§ Work required
Gather each line of the records where "ezdxf" appears.

§ Records from a collection

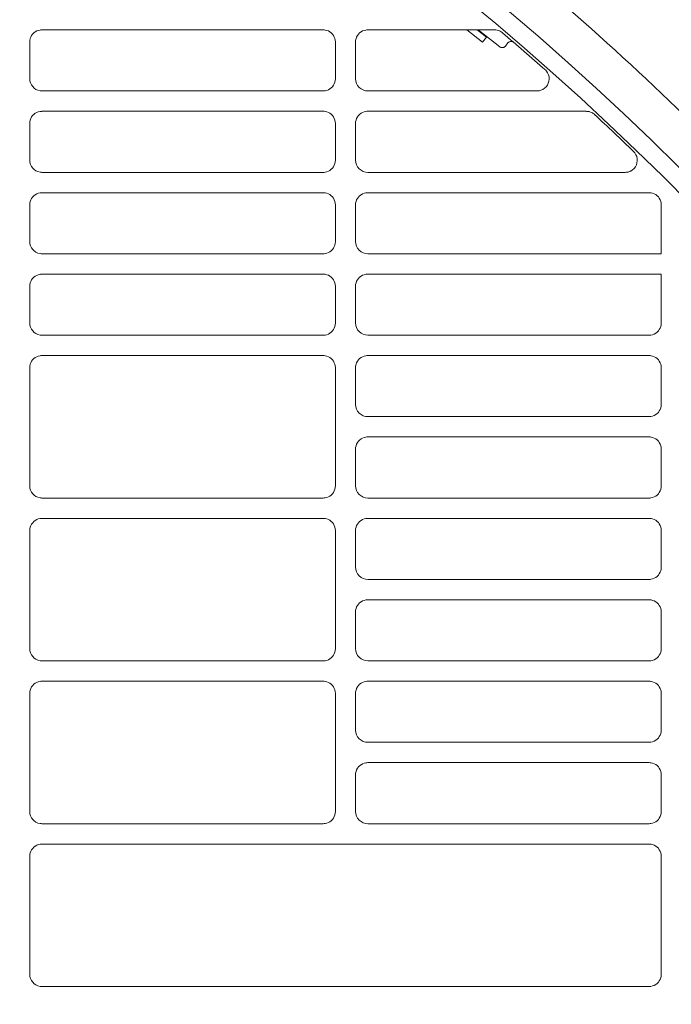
# Model space of a CAD drawing. Header units: millimetres. Extents: x -3034 to 546681, y -100001 to 133386.
# Tile 154 of 173: x 102160 to 102240, y -17882 to -17761. Entities that reach past the tile are written whole.
import ezdxf

# ---------------------------------------------------------------- set-up
doc = ezdxf.new("R2010")
doc.units = ezdxf.units.MM
doc.linetypes.add('ACAD_ISO03W100', pattern=[150, 60, -90])
doc.layers.get('Defpoints').update_dxf_attribs({"color": 252})
for name, color, linetype in [('___INST__AR_podstawy', 3, 'Continuous'), ('DETAIL', 5, 'Continuous'), ('ELEK CIENKIE', 80, 'Continuous'), ('ELEK ODGROMÓWKA', 214, 'Continuous')]:
    doc.layers.add(name, color=color, linetype=linetype)
doc.layers.add('I_WYMIARY', color=6, linetype='Continuous', lineweight=18)
doc.styles.add('DETALE1_100', font='arial.ttf', dxfattribs={"width": 0.6, "height": 200})
doc.dimstyles.new('Detale 1_100', dxfattribs={"dimscale": 0.12, "dimtxt": 250, "dimasz": 20, "dimexe": 50, "dimexo": 0, "dimgap": 30, "dimtad": 1, "dimdec": 1, "dimlfac": 0.1, "dimzin": 9, "dimdsep": 46, "dimtxsty": 'DETALE1_100', "dimblk1": 'DIM_KRESKA_', "dimblk2": 'DIM_KRESKA_', "dimsah": 1, "dimcen": 0, "dimse1": 1, "dimse2": 1, "dimclrd": 256, "dimclre": 256, "dimclrt": 256, "dimadec": 0, "dimazin": 0, "dimtfac": 0.01, "dimtdec": 1, "dimtix": 1, "dimtofl": 0, "dimtmove": 0, "dimatfit": 3, "dimfxl": 1, "dimtolj": 1, "dimtzin": 12, "dimlwd": -1, "dimarcsym": 0})

# ---------------------------------------------------------------- blocks, each defined once
blk = doc.blocks.new('iglice')
at = {"layer": 'ELEK CIENKIE', "color": 80, "linetype": 'ACAD_ISO03W100', "ltscale": 3}
blk.add_circle((-5706.4, 7322.5), 4350, dxfattribs=at)
blk = doc.blocks.new('wentDACH')
at = {"layer": 'DETAIL', "color": 8, "linetype": 'Continuous', "lineweight": 9}
for p, q in [((-83872.82, 25638.59), (-83872.64, 25638.7)), ((-83872.64, 25638.7), (-83872.44, 25638.77)), ((-83872.44, 25638.77), (-83872.23, 25638.82)), ((-83837.46, 25638.84), (-83872, 25638.84)), ((-83837.22, 25638.82), (-83837.02, 25638.77)), ((-83837.02, 25638.77), (-83836.82, 25638.7)), ((-83836.82, 25638.7), (-83836.64, 25638.6)), ((-83832.82, 25638.59), (-83832.64, 25638.7)), ((-83832.64, 25638.7), (-83832.44, 25638.77)), ((-83832.44, 25638.77), (-83832.23, 25638.82)), ((-83816.43, 25638.84), (-83832, 25638.84)), ((-83819.85, 25638.84), (-83817.9, 25637.31)), ((-83817.41, 25637.94), (-83818.55, 25638.84)), ((-83815.79, 25636.77), (-83818.44, 25638.84)), ((-83873.49, 25637.34), (-83873.48, 25637.55)), ((-83873.48, 25637.55), (-83873.43, 25637.76)), ((-83873.43, 25637.76), (-83873.36, 25637.96)), ((-83873.36, 25637.96), (-83873.26, 25638.14)), ((-83873.26, 25638.14), (-83873.14, 25638.31)), ((-83873.14, 25638.31), (-83872.99, 25638.46)), ((-83872.99, 25638.46), (-83872.82, 25638.59)), ((-83836.64, 25638.6), (-83836.47, 25638.47)), ((-83836.47, 25638.47), (-83836.32, 25638.32)), ((-83836.32, 25638.32), (-83836.2, 25638.15)), ((-83836.2, 25638.15), (-83836.1, 25637.96)), ((-83836.1, 25637.96), (-83836.02, 25637.76)), ((-83836.02, 25637.76), (-83835.98, 25637.56)), ((-83835.98, 25637.56), (-83835.97, 25637.35)), ((-83833.49, 25637.34), (-83833.48, 25637.55)), ((-83833.48, 25637.55), (-83833.43, 25637.76)), ((-83833.43, 25637.76), (-83833.36, 25637.96)), ((-83833.36, 25637.96), (-83833.26, 25638.14)), ((-83833.26, 25638.14), (-83833.14, 25638.31)), ((-83833.14, 25638.31), (-83832.99, 25638.46)), ((-83832.99, 25638.46), (-83832.82, 25638.59)), ((-83817.9, 25637.31), (-83817.41, 25637.94)), ((-83873.49, 25637.34), (-83873.49, 25632.84)), ((-83835.97, 25632.83), (-83835.97, 25637.35)), ((-83833.49, 25637.34), (-83833.49, 25632.84)), ((-83814.79, 25637.23), (-83815.09, 25636.85)), ((-83810.07, 25633.78), (-83809.92, 25633.57)), ((-83835.98, 25632.62), (-83836.02, 25632.41)), ((-83835.97, 25632.83), (-83835.98, 25632.62)), ((-83809.92, 25633.57), (-83809.81, 25633.32)), ((-83809.81, 25633.32), (-83809.74, 25633.07)), ((-83809.72, 25632.8), (-83809.75, 25632.54)), ((-83809.74, 25633.07), (-83809.72, 25632.8)), ((-83837.02, 25631.41), (-83837.23, 25631.36)), ((-83836.83, 25631.48), (-83837.02, 25631.41)), ((-83836.64, 25631.58), (-83836.83, 25631.48)), ((-83836.47, 25631.71), (-83836.64, 25631.58)), ((-83836.32, 25631.86), (-83836.47, 25631.71)), ((-83836.2, 25632.03), (-83836.32, 25631.86)), ((-83836.1, 25632.22), (-83836.2, 25632.03)), ((-83836.02, 25632.41), (-83836.1, 25632.22)), ((-83810.3, 25631.66), (-83810.52, 25631.51)), ((-83810.1, 25631.84), (-83810.3, 25631.66)), ((-83809.94, 25632.05), (-83810.1, 25631.84)), ((-83809.83, 25632.29), (-83809.94, 25632.05)), ((-83809.75, 25632.54), (-83809.83, 25632.29)), ((-83871.99, 25631.34), (-83837.46, 25631.34)), ((-83831.99, 25631.34), (-83811.22, 25631.34)), ((-83873.48, 25627.55), (-83873.43, 25627.76)), ((-83873.43, 25627.76), (-83873.36, 25627.95)), ((-83873.36, 25627.95), (-83873.26, 25628.14)), ((-83873.26, 25628.14), (-83873.14, 25628.31)), ((-83873.14, 25628.31), (-83872.99, 25628.46)), ((-83872.99, 25628.46), (-83872.82, 25628.59)), ((-83872.82, 25628.59), (-83872.64, 25628.69)), ((-83872.64, 25628.69), (-83872.44, 25628.77)), ((-83872.44, 25628.77), (-83872.23, 25628.82)), ((-83837.46, 25628.84), (-83872, 25628.84)), ((-83837.22, 25628.82), (-83837.02, 25628.77)), ((-83837.02, 25628.77), (-83836.82, 25628.7)), ((-83836.82, 25628.7), (-83836.64, 25628.59)), ((-83836.64, 25628.59), (-83836.47, 25628.47)), ((-83836.47, 25628.47), (-83836.32, 25628.32)), ((-83836.32, 25628.32), (-83836.2, 25628.15)), ((-83836.2, 25628.15), (-83836.1, 25627.96)), ((-83836.1, 25627.96), (-83836.02, 25627.76)), ((-83836.02, 25627.76), (-83835.98, 25627.56)), ((-83833.48, 25627.55), (-83833.43, 25627.76)), ((-83833.43, 25627.76), (-83833.36, 25627.95)), ((-83833.36, 25627.95), (-83833.26, 25628.14)), ((-83833.26, 25628.14), (-83833.14, 25628.31)), ((-83833.14, 25628.31), (-83832.99, 25628.46)), ((-83832.99, 25628.46), (-83832.82, 25628.59)), ((-83832.82, 25628.59), (-83832.64, 25628.7)), ((-83832.64, 25628.7), (-83832.44, 25628.77)), ((-83832.44, 25628.77), (-83832.23, 25628.82)), ((-83805.16, 25628.84), (-83832, 25628.84)), ((-83873.49, 25627.34), (-83873.48, 25627.55)), ((-83873.49, 25627.34), (-83873.49, 25622.84)), ((-83835.98, 25627.56), (-83835.97, 25627.35)), ((-83835.97, 25622.83), (-83835.97, 25627.35)), ((-83833.49, 25627.34), (-83833.48, 25627.55)), ((-83833.49, 25627.34), (-83833.49, 25622.84)), ((-83799.2, 25623.73), (-83799.07, 25623.51)), ((-83799.07, 25623.51), (-83798.97, 25623.27)), ((-83798.97, 25623.27), (-83798.91, 25623.02)), ((-83798.91, 25623.02), (-83798.9, 25622.76)), ((-83836.47, 25621.71), (-83836.64, 25621.58)), ((-83836.32, 25621.86), (-83836.47, 25621.71)), ((-83836.2, 25622.03), (-83836.32, 25621.86)), ((-83836.1, 25622.21), (-83836.2, 25622.03)), ((-83836.02, 25622.41), (-83836.1, 25622.21)), ((-83835.98, 25622.62), (-83836.02, 25622.41)), ((-83835.97, 25622.83), (-83835.98, 25622.62)), ((-83799.3, 25621.82), (-83799.49, 25621.64)), ((-83799.14, 25622.02), (-83799.3, 25621.82)), ((-83799.01, 25622.25), (-83799.14, 25622.02)), ((-83798.94, 25622.5), (-83799.01, 25622.25)), ((-83798.9, 25622.76), (-83798.94, 25622.5)), ((-83871.99, 25621.34), (-83837.46, 25621.34)), ((-83837.02, 25621.4), (-83837.23, 25621.36)), ((-83836.83, 25621.48), (-83837.02, 25621.4)), ((-83836.64, 25621.58), (-83836.83, 25621.48)), ((-83831.99, 25621.34), (-83800.4, 25621.34)), ((-83799.49, 25621.64), (-83799.71, 25621.5)), ((-83873.36, 25617.96), (-83873.26, 25618.14)), ((-83873.26, 25618.14), (-83873.14, 25618.31)), ((-83873.14, 25618.31), (-83872.99, 25618.46)), ((-83872.99, 25618.46), (-83872.82, 25618.59)), ((-83872.82, 25618.59), (-83872.64, 25618.7)), ((-83872.64, 25618.7), (-83872.44, 25618.77)), ((-83872.44, 25618.77), (-83872.23, 25618.82)), ((-83837.46, 25618.84), (-83872, 25618.84)), ((-83837.22, 25618.82), (-83837.02, 25618.77)), ((-83837.02, 25618.77), (-83836.82, 25618.7)), ((-83836.82, 25618.7), (-83836.64, 25618.6)), ((-83836.64, 25618.6), (-83836.47, 25618.47)), ((-83836.47, 25618.47), (-83836.32, 25618.32)), ((-83836.32, 25618.32), (-83836.2, 25618.15)), ((-83836.2, 25618.15), (-83836.1, 25617.96)), ((-83833.36, 25617.96), (-83833.26, 25618.14)), ((-83833.26, 25618.14), (-83833.14, 25618.31)), ((-83833.14, 25618.31), (-83832.99, 25618.46)), ((-83832.99, 25618.46), (-83832.82, 25618.59)), ((-83832.82, 25618.59), (-83832.64, 25618.7)), ((-83832.64, 25618.7), (-83832.44, 25618.77)), ((-83832.44, 25618.77), (-83832.23, 25618.82)), ((-83797.46, 25618.84), (-83832, 25618.84)), ((-83797.22, 25618.82), (-83797.02, 25618.77)), ((-83797.02, 25618.77), (-83796.82, 25618.7)), ((-83796.82, 25618.7), (-83796.64, 25618.6)), ((-83796.64, 25618.6), (-83796.47, 25618.47)), ((-83796.47, 25618.47), (-83796.32, 25618.32)), ((-83796.32, 25618.32), (-83796.2, 25618.15)), ((-83796.2, 25618.15), (-83796.1, 25617.96)), ((-83873.49, 25617.34), (-83873.48, 25617.55)), ((-83873.49, 25617.34), (-83873.49, 25612.84)), ((-83873.48, 25617.55), (-83873.43, 25617.76)), ((-83873.43, 25617.76), (-83873.36, 25617.96)), ((-83836.1, 25617.96), (-83836.02, 25617.76)), ((-83836.02, 25617.76), (-83835.98, 25617.56)), ((-83835.98, 25617.56), (-83835.97, 25617.35)), ((-83835.97, 25612.83), (-83835.97, 25617.35)), ((-83833.49, 25617.34), (-83833.48, 25617.55)), ((-83833.49, 25617.34), (-83833.49, 25612.84)), ((-83833.48, 25617.55), (-83833.43, 25617.76)), ((-83833.43, 25617.76), (-83833.36, 25617.96)), ((-83796.1, 25617.96), (-83796.02, 25617.77)), ((-83796.02, 25617.77), (-83795.98, 25617.56)), ((-83795.98, 25617.56), (-83795.97, 25617.35)), ((-83795.97, 25611.34), (-83795.97, 25617.35)), ((-83836.2, 25612.03), (-83836.32, 25611.86)), ((-83836.1, 25612.22), (-83836.2, 25612.03)), ((-83836.02, 25612.41), (-83836.1, 25612.22)), ((-83835.98, 25612.62), (-83836.02, 25612.41)), ((-83835.97, 25612.83), (-83835.98, 25612.62)), ((-83871.99, 25611.34), (-83837.46, 25611.34)), ((-83837.02, 25611.41), (-83837.23, 25611.36)), ((-83836.83, 25611.48), (-83837.02, 25611.41)), ((-83836.64, 25611.58), (-83836.83, 25611.48)), ((-83836.47, 25611.71), (-83836.64, 25611.58)), ((-83836.32, 25611.86), (-83836.47, 25611.71)), ((-83831.99, 25611.34), (-83795.97, 25611.34)), ((-83873.14, 25608.31), (-83872.99, 25608.46)), ((-83872.99, 25608.46), (-83872.82, 25608.59)), ((-83872.82, 25608.59), (-83872.64, 25608.69)), ((-83872.64, 25608.69), (-83872.44, 25608.77)), ((-83872.44, 25608.77), (-83872.23, 25608.82)), ((-83837.46, 25608.84), (-83872, 25608.84)), ((-83837.22, 25608.82), (-83837.02, 25608.77)), ((-83837.02, 25608.77), (-83836.82, 25608.7)), ((-83836.82, 25608.7), (-83836.64, 25608.59)), ((-83836.64, 25608.59), (-83836.47, 25608.47)), ((-83836.47, 25608.47), (-83836.32, 25608.32)), ((-83833.14, 25608.31), (-83832.99, 25608.46)), ((-83832.99, 25608.46), (-83832.82, 25608.59)), ((-83832.82, 25608.59), (-83832.64, 25608.7)), ((-83832.64, 25608.7), (-83832.44, 25608.77)), ((-83832.44, 25608.77), (-83832.23, 25608.82)), ((-83795.97, 25608.84), (-83832, 25608.84)), ((-83795.97, 25602.83), (-83795.97, 25608.84)), ((-83873.49, 25607.34), (-83873.48, 25607.55)), ((-83873.49, 25607.34), (-83873.49, 25602.84)), ((-83873.48, 25607.55), (-83873.43, 25607.76)), ((-83873.43, 25607.76), (-83873.36, 25607.95)), ((-83873.36, 25607.95), (-83873.26, 25608.14)), ((-83873.26, 25608.14), (-83873.14, 25608.31)), ((-83836.32, 25608.32), (-83836.2, 25608.15)), ((-83836.2, 25608.15), (-83836.1, 25607.96)), ((-83836.1, 25607.96), (-83836.02, 25607.76)), ((-83836.02, 25607.76), (-83835.98, 25607.56)), ((-83835.98, 25607.56), (-83835.97, 25607.35)), ((-83835.97, 25602.83), (-83835.97, 25607.35)), ((-83833.49, 25607.34), (-83833.48, 25607.55)), ((-83833.49, 25607.34), (-83833.49, 25602.84)), ((-83833.48, 25607.55), (-83833.43, 25607.76)), ((-83833.43, 25607.76), (-83833.36, 25607.96)), ((-83833.36, 25607.96), (-83833.26, 25608.14)), ((-83833.26, 25608.14), (-83833.14, 25608.31)), ((-83836.02, 25602.41), (-83836.1, 25602.21)), ((-83835.98, 25602.62), (-83836.02, 25602.41)), ((-83835.97, 25602.83), (-83835.98, 25602.62)), ((-83796.03, 25602.41), (-83796.1, 25602.21)), ((-83795.98, 25602.62), (-83796.03, 25602.41)), ((-83795.97, 25602.83), (-83795.98, 25602.62)), ((-83871.99, 25601.34), (-83837.46, 25601.34)), ((-83837.02, 25601.4), (-83837.23, 25601.36)), ((-83836.83, 25601.48), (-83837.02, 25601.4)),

§ Solution below
import ezdxf
doc = ezdxf.new("R2010")
doc.units = ezdxf.units.MM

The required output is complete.